According to the present invention, the pH of the iron solution and the cleaning solution is set to a constant value so that the pH in each flow cell becomes an optimum pH value for the inhabitation of iron-oxidizing bacteria, and the control unit controls the cleaning solution and the iron solution in the cleaning solution line. A biosensor type abnormal water quality detection device, wherein the amounts of an iron solution in a line and a test solution in a test solution are adjusted.
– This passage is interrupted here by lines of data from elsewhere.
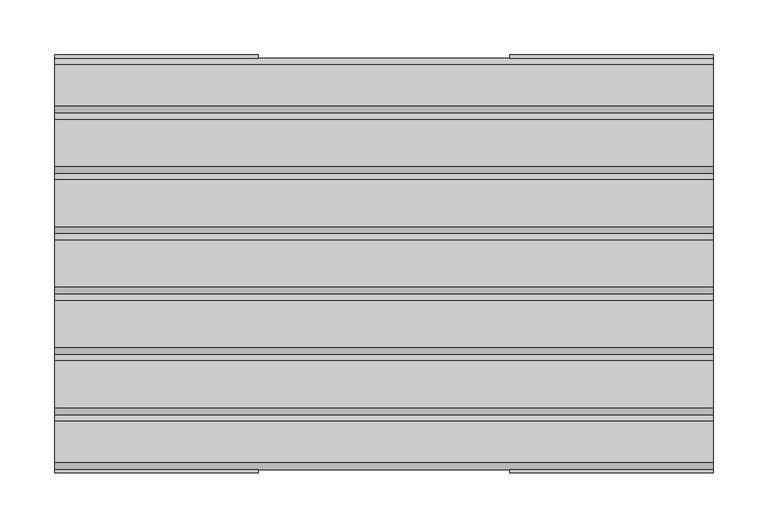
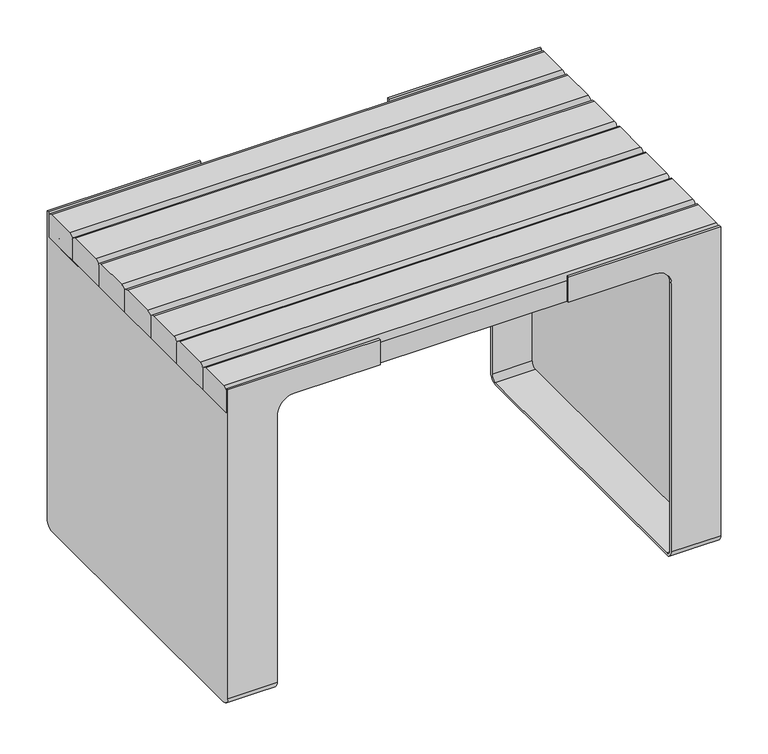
"""IFC4 building model written with IfcOpenShell, lengths in millimetres: furniture geometry, Roros Produkter - Nobel - Stool - 32670 : Roros Produkter - Nobel - Stool - 32670."""

from ifc_helpers import new_model, si_unit, point, frame, frame_2d, origin, place, context, project, spatial, polyline, circle_curve, trimmed, segment, composite_curve, outline, extrude, source, transform, mapped, element, save
from ifc_brep_helpers import plane_surface, cylinder_surface, revolved_surface, advanced_brep


def furniture_fbf1eeca(model_context):
    return source(origin(), model_context, "Body", "SolidModel", [
        advanced_brep(
        [(239.9998856, 190.4999943, 10.0), (239.9998856, 180.4999943, 0.0), (239.9998856, -180.5000057, 0.0), (239.9998856, -190.5000057, 10.0), (239.9998856, -190.5000057, 355.0000029), (239.9998856, -187.4999958, 355.0000029), (239.9998856, -187.5000057, 9.6519473), (239.9998856, -180.5000057, 2.6519473), (239.9998856, 180.4999958, 2.6519473), (239.9998856, 187.4999958, 9.6519473), (239.9998856, 187.4999958, 355.0000029), (239.9998856, 190.4999943, 355.0000029), (239.9998856, -187.4999958, 375.0000029), (239.9998856, 187.4999958, 375.0000029), (239.9998856, 187.4999958, 365.0000043), (239.9998856, 180.4999958, 372.0000043), (239.9998856, -180.5000057, 372.0000043), (239.9998856, -187.5000057, 365.0000043), (300.0000023, -190.5000057, 10.0), (300.0000023, -180.5000057, 0.0), (300.0000023, 180.4999943, 0.0), (300.0000023, 190.4999943, 10.0), (300.0000023, 190.5000057, 407.5), (300.0000023, 187.4999958, 407.5), (300.0000023, 187.4999958, 375.0000029), (300.0000023, -187.4999958, 375.0000029), (300.0000023, -187.4999958, 407.5), (300.0000023, -190.5000057, 407.5), (219.9998856, 190.4999943, 375.0000029), (114.6665474, 190.4999943, 375.0000029), (114.6665474, 190.4999943, 407.5), (114.6665474, -190.5000057, 407.5), (114.6665474, -190.5000057, 375.0000029), (219.9998856, -190.5000057, 375.0000029), (289.0000025, 187.4999958, 365.0000043), (289.0000025, 187.4999958, 9.6519473), (289.0000025, 180.4999958, 2.6519473), (289.0000025, -180.5000057, 2.6519473), (289.0000025, -187.5000057, 9.6519473), (289.0000025, -187.5000057, 365.0000043), (289.0000025, -180.5000057, 372.0000043), (289.0000025, 180.4999958, 372.0000043), (219.9998856, -187.4999958, 375.0000029), (114.6665474, -187.4999958, 375.0000029), (114.6665474, -187.4999958, 407.5), (114.6665474, 187.4999958, 407.5), (114.6665474, 187.4999958, 375.0000029), (219.9998856, 187.4999958, 375.0000029)],
        [
            (0, 1, circle_curve(frame((239.9998856, 180.4999943, 10.0), z_axis=(-1.0, 0.0, 0.0), x_axis=(0.0, -1.0, 0.0)), 10.0)),
            (1, 2),
            (2, 3, circle_curve(frame((239.9998856, -180.5000057, 10.0), z_axis=(-1.0, 0.0, 0.0), x_axis=(0.0, -1.0, 0.0)), 10.0)),
            (3, 4),
            (4, 5),
            (5, 6),
            (6, 7, circle_curve(frame((239.9998856, -180.5000057, 9.6519473), z_axis=(1.0, 0.0, 0.0), x_axis=(0.0, -1.0, 0.0)), 7.0)),
            (7, 8),
            (8, 9, circle_curve(frame((239.9998856, 180.4999958, 9.6519473), z_axis=(1.0, 0.0, 0.0), x_axis=(0.0, -1.0, 0.0)), 7.0)),
            (9, 10),
            (10, 11),
            (11, 0),
            (12, 13),
            (13, 14),
            (14, 15, circle_curve(frame((239.9998856, 180.4999958, 365.0000043), z_axis=(1.0, 0.0, 0.0), x_axis=(0.0, -1.0, 0.0)), 7.0)),
            (15, 16),
            (16, 17, circle_curve(frame((239.9998856, -180.5000057, 365.0000043), z_axis=(1.0, 0.0, 0.0), x_axis=(0.0, -1.0, 0.0)), 7.0)),
            (17, 12),
            (18, 19, circle_curve(frame((300.0000023, -180.5000057, 10.0), z_axis=(1.0, 0.0, 0.0), x_axis=(0.0, -1.0, 0.0)), 10.0)),
            (19, 20),
            (20, 21, circle_curve(frame((300.0000023, 180.4999943, 10.0), z_axis=(1.0, 0.0, 0.0), x_axis=(0.0, -1.0, 0.0)), 10.0)),
            (21, 22),
            (22, 23),
            (23, 24),
            (24, 25),
            (25, 26),
            (26, 27),
            (27, 18),
            (21, 0),
            (11, 28, circle_curve(frame((219.9998856, 190.4999943, 355.0000029), z_axis=(0.0, -1.0, 0.0), x_axis=(-1.0, 0.0, 0.0)), 20.0)),
            (28, 29),
            (29, 30),
            (30, 22),
            (12, 25),
            (24, 13),
            (3, 18),
            (27, 31),
            (31, 32),
            (32, 33),
            (33, 4, circle_curve(frame((219.9998856, -190.5000057, 355.0000029), z_axis=(0.0, 1.0, 0.0), x_axis=(-1.0, 0.0, 0.0)), 20.0)),
            (2, 19),
            (1, 20),
            (34, 35),
            (35, 36, circle_curve(frame((289.0000025, 180.4999958, 9.6519473), z_axis=(-1.0, 0.0, 0.0), x_axis=(0.0, -1.0, 0.0)), 7.0)),
            (36, 37),
            (37, 38, circle_curve(frame((289.0000025, -180.5000057, 9.6519473), z_axis=(-1.0, 0.0, 0.0), x_axis=(0.0, -1.0, 0.0)), 7.0)),
            (38, 39),
            (39, 40, circle_curve(frame((289.0000025, -180.5000057, 365.0000043), z_axis=(-1.0, 0.0, 0.0), x_axis=(0.0, -1.0, 0.0)), 7.0)),
            (40, 41),
            (41, 34, circle_curve(frame((289.0000025, 180.4999958, 365.0000043), z_axis=(-1.0, 0.0, 0.0), x_axis=(0.0, -1.0, 0.0)), 7.0)),
            (40, 16),
            (15, 41),
            (36, 8),
            (7, 37),
            (14, 34),
            (39, 17),
            (6, 38),
            (35, 9),
            (42, 43),
            (43, 44),
            (44, 26),
            (5, 42, circle_curve(frame((219.9998856, -187.4999958, 355.0000029), z_axis=(0.0, -1.0, 0.0), x_axis=(-1.0, 0.0, 0.0)), 20.0)),
            (32, 43),
            (42, 33),
            (31, 44),
            (23, 45),
            (45, 46),
            (46, 47),
            (47, 10, circle_curve(frame((219.9998856, 187.4999958, 355.0000029), z_axis=(0.0, 1.0, 0.0), x_axis=(-1.0, 0.0, 0.0)), 20.0)),
            (28, 47),
            (46, 29),
            (45, 30),
        ],
        [
            plane_surface(frame((239.9998856, 170.4999943, 10.0), z_axis=(-1.0, 0.0, 0.0), x_axis=(0.0, 0.0, 1.0))),
            plane_surface(frame((300.0000023, 170.4999943, 10.0), z_axis=(1.0, 0.0, 0.0), x_axis=(0.0, 0.0, -1.0))),
            plane_surface(frame((239.9998856, 190.4999943, 375.0000029), z_axis=(0.0, 1.0, 0.0), x_axis=(1.0, 0.0, 0.0))),
            plane_surface(frame((239.9998856, -190.5000057, 375.0000029), z_axis=(0.0, 0.0, 1.0), x_axis=(1.0, 0.0, 0.0))),
            plane_surface(frame((239.9998856, -190.5000057, 10.0), z_axis=(0.0, -1.0, 0.0), x_axis=(1.0, 0.0, 0.0))),
            cylinder_surface(frame((300.0000023, -180.5000057, 10.0), z_axis=(-1.0, 0.0, 0.0), x_axis=(0.0, -1.0, 0.0)), 10.0),
            plane_surface(frame((239.9998856, 180.4999943, 0.0), z_axis=(0.0, 0.0, -1.0), x_axis=(1.0, 0.0, 0.0))),
            cylinder_surface(frame((300.0000023, 180.4999943, 10.0), z_axis=(-1.0, 0.0, 0.0), x_axis=(0.0, -1.0, 0.0)), 10.0),
            plane_surface(frame((289.0000025, 187.4999958, 11.3137092), z_axis=(-1.0, 0.0, 0.0), x_axis=(0.0, 0.0, 1.0))),
            plane_surface(frame((170.0000067, -180.5000057, 372.0000043), z_axis=(0.0, 0.0, -1.0), x_axis=(1.0, 0.0, 0.0))),
            plane_surface(frame((170.0000067, 180.4999958, 2.6519473), z_axis=(0.0, 0.0, 1.0), x_axis=(1.0, 0.0, 0.0))),
            revolved_surface(polyline([(239.9998856, 173.4999958, 365.0000043), (289.0000025, 173.4999958, 365.0000043)]), (289.0000025, 180.4999958, 365.0000043), (-1.0, 0.0, 0.0)),
            revolved_surface(polyline([(239.9998856, -187.5000057, 365.0000043), (289.0000025, -187.5000057, 365.0000043)]), (289.0000025, -180.5000057, 365.0000043), (-1.0, 0.0, 0.0)),
            revolved_surface(polyline([(239.9998856, -187.5000057, 9.6519473), (289.0000025, -187.5000057, 9.6519473)]), (289.0000025, -180.5000057, 9.6519473), (-1.0, 0.0, 0.0)),
            revolved_surface(polyline([(239.9998856, 173.4999958, 9.6519473), (289.0000025, 173.4999958, 9.6519473)]), (289.0000025, 180.4999958, 9.6519473), (-1.0, 0.0, 0.0)),
            plane_surface(frame((300.0000023, -187.4999958, 425.0000032), z_axis=(0.0, 1.0, 0.0), x_axis=(0.0, 0.0, -1.0))),
            plane_surface(frame((114.6665474, -190.5000057, 375.0000029), z_axis=(0.0, 0.0, -1.0), x_axis=(0.0, 1.0, 0.0))),
            plane_surface(frame((114.6665474, -190.5000057, 407.5), z_axis=(-1.0, 0.0, 0.0), x_axis=(0.0, 1.0, 0.0))),
            plane_surface(frame((300.0000023, -190.5000057, 407.5), z_axis=(0.0, 0.0, 1.0), x_axis=(0.0, 1.0, 0.0))),
            revolved_surface(polyline([(199.9998856, -187.4999958, 355.0000029), (199.9998856, -190.5000057, 355.0000029)]), (219.9998856, -187.4999958, 355.0000029), (0.0, 1.0, 0.0)),
            plane_surface(frame((219.999998, 187.4999958, 375.0000029), z_axis=(0.0, -1.0, 0.0), x_axis=(1.0, 0.0, 0.0))),
            plane_surface(frame((219.9998856, 190.5000057, 375.0000029), z_axis=(0.0, 0.0, -1.0), x_axis=(0.0, -1.0, 0.0))),
            plane_surface(frame((114.6665474, 190.5000057, 375.0000029), z_axis=(-1.0, 0.0, 0.0), x_axis=(0.0, -1.0, 0.0))),
            plane_surface(frame((114.6665474, 190.5000057, 407.5), z_axis=(0.0, 0.0, 1.0), x_axis=(0.0, -1.0, 0.0))),
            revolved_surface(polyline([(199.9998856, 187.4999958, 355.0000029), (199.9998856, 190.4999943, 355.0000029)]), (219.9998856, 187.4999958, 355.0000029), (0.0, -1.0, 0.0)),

According to the present invention, the pH after mixing the iron solution and the test water, and the washing solution and the test water, is maintained at 2.5 to 3.5, which is the optimum pH of the iron bacteria. , The flow rates of both liquids are adjusted. In order to keep the consumption of the iron liquid and the cleaning liquid as small as possible and to operate the iron liquid line and the cleaning liquid line smoothly, the flow rate of the iron liquid and the cleaning liquid is about 3 to 6 m.
1 / min. Must be secured. The pH of the iron solution is 2
Since the pH of the test water is around neutral,
In order to reach a value near pH 3 in a mixed state, the test water is supplied at about 100 to 200 ml / min. Distribute in. These flow rate values are affected by conditions such as the performance of the iron liquid line and the cleaning liquid line, and the pH of the test water, and therefore need to be adjusted as appropriate.

The present invention is a biosensor type abnormal water quality detecting device, wherein the temperature in each flow cell is maintained at 30 ± 5 ° C., which is the optimum temperature for the inhabitation of iron-oxidizing bacteria.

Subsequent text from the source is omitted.